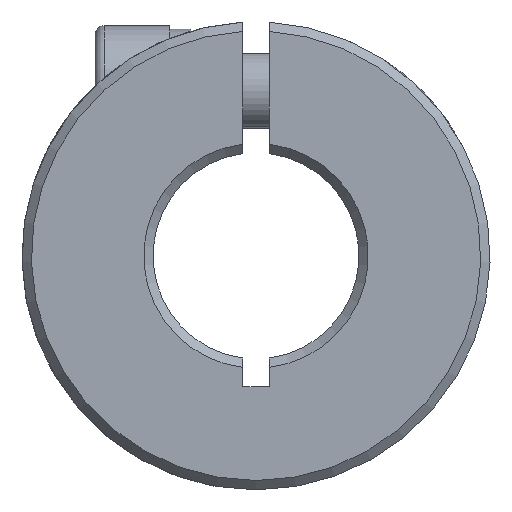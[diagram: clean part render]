
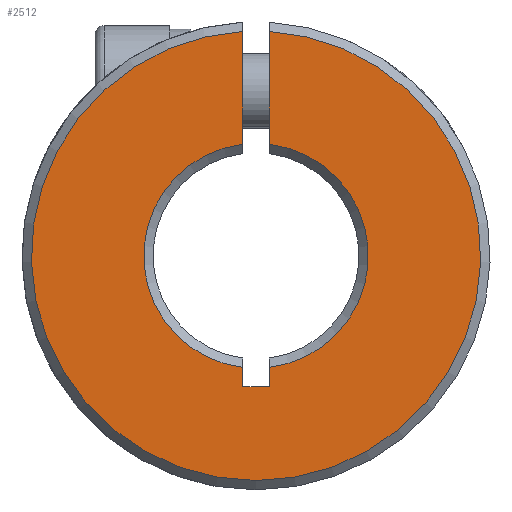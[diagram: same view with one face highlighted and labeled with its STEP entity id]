
A CAD part, front view. The second image highlights one B-rep face of the part: STEP entity #2512.
In plain terms, the highlighted planar face has unit normal (0, -1, 0).
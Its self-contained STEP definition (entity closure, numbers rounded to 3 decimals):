
#109 = VECTOR ( 'NONE', #2608, 1000. ) ;
#141 = CIRCLE ( 'NONE', #397, 12. ) ;
#196 = CARTESIAN_POINT ( 'NONE',  ( 0.7, 0.25, 5.959 ) ) ;
#245 = AXIS2_PLACEMENT_3D ( 'NONE', #433, #2027, #693 ) ;
#256 = ORIENTED_EDGE ( 'NONE', *, *, #1267, .T. ) ;
#260 = VERTEX_POINT ( 'NONE', #642 ) ;
#283 = CARTESIAN_POINT ( 'NONE',  ( 0.7, 0.25, -5.959 ) ) ;
#397 = AXIS2_PLACEMENT_3D ( 'NONE', #1645, #842, #3483 ) ;
#409 = DIRECTION ( 'NONE',  ( 0., 1., 0. ) ) ;
#419 = PLANE ( 'NONE',  #245 ) ;
#433 = CARTESIAN_POINT ( 'NONE',  ( 12.5, 0.25, -50. ) ) ;
#436 = DIRECTION ( 'NONE',  ( 0., 0., 1. ) ) ;
#447 = VERTEX_POINT ( 'NONE', #2479 ) ;
#504 = CARTESIAN_POINT ( 'NONE',  ( -0.7, 0.25, -7. ) ) ;
#536 = DIRECTION ( 'NONE',  ( 0., 0., 1. ) ) ;
#550 = ORIENTED_EDGE ( 'NONE', *, *, #3188, .F. ) ;
#611 = VECTOR ( 'NONE', #2522, 1000. ) ;
#642 = CARTESIAN_POINT ( 'NONE',  ( -0.7, 0.25, 11.98 ) ) ;
#693 = DIRECTION ( 'NONE',  ( 0., 0., 1. ) ) ;
#696 = LINE ( 'NONE', #2774, #611 ) ;
#766 = VERTEX_POINT ( 'NONE', #2197 ) ;
#780 = VERTEX_POINT ( 'NONE', #2745 ) ;
#834 = DIRECTION ( 'NONE',  ( 0., 0., 1. ) ) ;
#842 = DIRECTION ( 'NONE',  ( 0., -1., 0. ) ) ;
#943 = LINE ( 'NONE', #3197, #1157 ) ;
#965 = CARTESIAN_POINT ( 'NONE',  ( 0., 0.25, 0. ) ) ;
#1026 = DIRECTION ( 'NONE',  ( 0., 0., -1. ) ) ;
#1033 = VECTOR ( 'NONE', #834, 1000. ) ;
#1106 = CARTESIAN_POINT ( 'NONE',  ( 0.7, 0.25, -7. ) ) ;
#1157 = VECTOR ( 'NONE', #536, 1000. ) ;
#1191 = ORIENTED_EDGE ( 'NONE', *, *, #1655, .T. ) ;
#1248 = DIRECTION ( 'NONE',  ( 0., 1., 0. ) ) ;
#1267 = EDGE_CURVE ( 'NONE', #447, #2070, #2761, .T. ) ;
#1306 = VERTEX_POINT ( 'NONE', #196 ) ;
#1327 = VERTEX_POINT ( 'NONE', #1601 ) ;
#1336 = VECTOR ( 'NONE', #1026, 1000. ) ;
#1465 = VERTEX_POINT ( 'NONE', #283 ) ;
#1601 = CARTESIAN_POINT ( 'NONE',  ( 0.7, 0.25, 11.98 ) ) ;
#1640 = EDGE_CURVE ( 'NONE', #766, #780, #696, .T. ) ;
#1645 = CARTESIAN_POINT ( 'NONE',  ( 0., 0.25, 0. ) ) ;
#1655 = EDGE_CURVE ( 'NONE', #1306, #1465, #2672, .T. ) ;
#1736 = LINE ( 'NONE', #1106, #1033 ) ;
#1785 = ORIENTED_EDGE ( 'NONE', *, *, #2631, .T. ) ;
#1914 = LINE ( 'NONE', #504, #1336 ) ;
#1960 = FACE_OUTER_BOUND ( 'NONE', #3036, .T. ) ;
#1975 = ORIENTED_EDGE ( 'NONE', *, *, #1640, .F. ) ;
#2027 = DIRECTION ( 'NONE',  ( 0., 1., 0. ) ) ;
#2070 = VERTEX_POINT ( 'NONE', #2847 ) ;
#2132 = AXIS2_PLACEMENT_3D ( 'NONE', #965, #1248, #436 ) ;
#2197 = CARTESIAN_POINT ( 'NONE',  ( -0.7, 0.25, -7. ) ) ;
#2262 = CARTESIAN_POINT ( 'NONE',  ( 0., 0.25, 0. ) ) ;
#2320 = EDGE_CURVE ( 'NONE', #260, #2070, #1914, .T. ) ;
#2394 = EDGE_CURVE ( 'NONE', #447, #766, #2876, .T. ) ;
#2479 = CARTESIAN_POINT ( 'NONE',  ( -0.7, 0.25, -5.959 ) ) ;
#2512 = ADVANCED_FACE ( 'NONE', ( #1960 ), #419, .F. ) ;
#2522 = DIRECTION ( 'NONE',  ( 1., 0., 0. ) ) ;
#2608 = DIRECTION ( 'NONE',  ( 0., 0., -1. ) ) ;
#2631 = EDGE_CURVE ( 'NONE', #260, #1327, #141, .T. ) ;
#2672 = CIRCLE ( 'NONE', #2728, 6. ) ;
#2728 = AXIS2_PLACEMENT_3D ( 'NONE', #2262, #409, #3052 ) ;
#2745 = CARTESIAN_POINT ( 'NONE',  ( 0.7, 0.25, -7. ) ) ;
#2761 = CIRCLE ( 'NONE', #2132, 6. ) ;
#2774 = CARTESIAN_POINT ( 'NONE',  ( 0.7, 0.25, -7. ) ) ;
#2834 = ORIENTED_EDGE ( 'NONE', *, *, #2394, .F. ) ;
#2847 = CARTESIAN_POINT ( 'NONE',  ( -0.7, 0.25, 5.959 ) ) ;
#2876 = LINE ( 'NONE', #3103, #109 ) ;
#3036 = EDGE_LOOP ( 'NONE', ( #3037, #1191, #550, #1975, #2834, #256, #3460, #1785 ) ) ;
#3037 = ORIENTED_EDGE ( 'NONE', *, *, #3219, .F. ) ;
#3052 = DIRECTION ( 'NONE',  ( 0., 0., 1. ) ) ;
#3103 = CARTESIAN_POINT ( 'NONE',  ( -0.7, 0.25, -7. ) ) ;
#3188 = EDGE_CURVE ( 'NONE', #780, #1465, #1736, .T. ) ;
#3197 = CARTESIAN_POINT ( 'NONE',  ( 0.7, 0.25, -7. ) ) ;
#3219 = EDGE_CURVE ( 'NONE', #1306, #1327, #943, .T. ) ;
#3460 = ORIENTED_EDGE ( 'NONE', *, *, #2320, .F. ) ;
#3483 = DIRECTION ( 'NONE',  ( 0., 0., 1. ) ) ;

▶ [WHAT NEEDS TO BE DONE]
Copy out the lines from the line containing "#3103 = CARTESIAN_POINT" to the end of the listing above, without alteration.

▶ [RESPONSE]
#3103 = CARTESIAN_POINT ( 'NONE',  ( -0.7, 0.25, -7. ) ) ;
#3188 = EDGE_CURVE ( 'NONE', #780, #1465, #1736, .T. ) ;
#3197 = CARTESIAN_POINT ( 'NONE',  ( 0.7, 0.25, -7. ) ) ;
#3219 = EDGE_CURVE ( 'NONE', #1306, #1327, #943, .T. ) ;
#3460 = ORIENTED_EDGE ( 'NONE', *, *, #2320, .F. ) ;
#3483 = DIRECTION ( 'NONE',  ( 0., 0., 1. ) ) ;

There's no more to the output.